Records from a data collection:
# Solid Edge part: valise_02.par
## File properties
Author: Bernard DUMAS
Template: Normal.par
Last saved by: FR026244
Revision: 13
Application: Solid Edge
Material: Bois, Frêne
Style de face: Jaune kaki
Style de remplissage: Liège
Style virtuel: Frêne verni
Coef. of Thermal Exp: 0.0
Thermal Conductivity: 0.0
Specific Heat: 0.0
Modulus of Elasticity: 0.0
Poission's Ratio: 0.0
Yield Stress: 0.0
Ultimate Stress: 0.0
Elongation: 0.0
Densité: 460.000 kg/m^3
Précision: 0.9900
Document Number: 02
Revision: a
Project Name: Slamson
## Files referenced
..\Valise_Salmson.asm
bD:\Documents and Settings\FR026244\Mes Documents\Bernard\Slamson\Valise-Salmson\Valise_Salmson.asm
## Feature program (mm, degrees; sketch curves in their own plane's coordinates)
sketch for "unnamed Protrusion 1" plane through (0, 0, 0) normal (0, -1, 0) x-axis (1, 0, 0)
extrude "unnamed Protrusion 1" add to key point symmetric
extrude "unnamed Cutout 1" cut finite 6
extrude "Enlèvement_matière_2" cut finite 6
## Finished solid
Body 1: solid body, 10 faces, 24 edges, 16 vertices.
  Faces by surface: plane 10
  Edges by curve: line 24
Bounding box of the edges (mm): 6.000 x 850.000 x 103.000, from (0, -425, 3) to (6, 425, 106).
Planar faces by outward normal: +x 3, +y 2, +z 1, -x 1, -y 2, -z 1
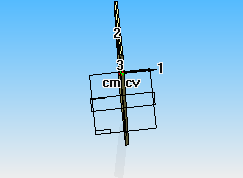
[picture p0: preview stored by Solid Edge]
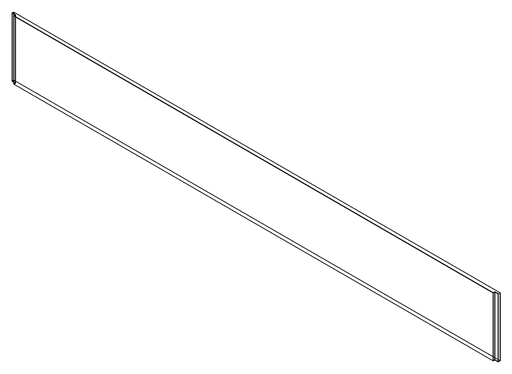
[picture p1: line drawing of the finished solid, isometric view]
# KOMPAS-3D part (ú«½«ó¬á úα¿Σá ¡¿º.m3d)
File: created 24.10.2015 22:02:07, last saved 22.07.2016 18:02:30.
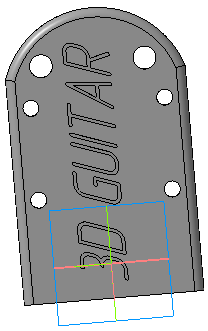
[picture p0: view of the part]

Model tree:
1. Эскиз:1
2. Операция выдавливания:1
     Расстояние 1 = 16
3. Эскиз:11
     Толщина стенки 1 = 2; Толщина стенки 2 = 6; Расстояние 1 = 10; Расстояние 2 = 3
4. Скругление:9
     Радиус = 4
5. Скругление:10
     Радиус = 2
6. Эскиз:12
7. Операция выдавливания:8
     Толщина стенки 1 = 2; Толщина стенки 2 = 6; Расстояние 1 = 15; Расстояние 2 = 3
8. Эскиз:13
9. Операция выдавливания:9
     Толщина стенки 1 = 2; Толщина стенки 2 = 6; Расстояние 1 = 0.5; Расстояние 2 = 3
10. Эскиз:14
11. Вырезать элемент выдавливания:5
     Толщина стенки 2 = 1.5; Расстояние 1 = 22.6
12. Скругление:11
     Радиус = 2
13. Эскиз:15
14. Вырезать элемент выдавливания:6
     Толщина стенки 2 = 1.5; Расстояние 1 = 112.6
15. Эскиз:16
16. Операция выдавливания:10
     Расстояние 1 = 16; Расстояние 2 = 96.2519
17. Скругление:12
     Радиус = 3
18. Эскиз:17
19. Вырезать элемент выдавливания:7
     Расстояние 1 = 40

Task to carry out.
From the records above, transcribe only the stretch from the line with "[picture p1: line" through the line with "[picture p0: view of the part]", keeping both ends. Omit pictures.

Answer to the exercise.
[picture p1: line drawing of the finished solid, isometric view]
# KOMPAS-3D part (ú«½«ó¬á úα¿Σá ¡¿º.m3d)
File: created 24.10.2015 22:02:07, last saved 22.07.2016 18:02:30.
[picture p0: view of the part]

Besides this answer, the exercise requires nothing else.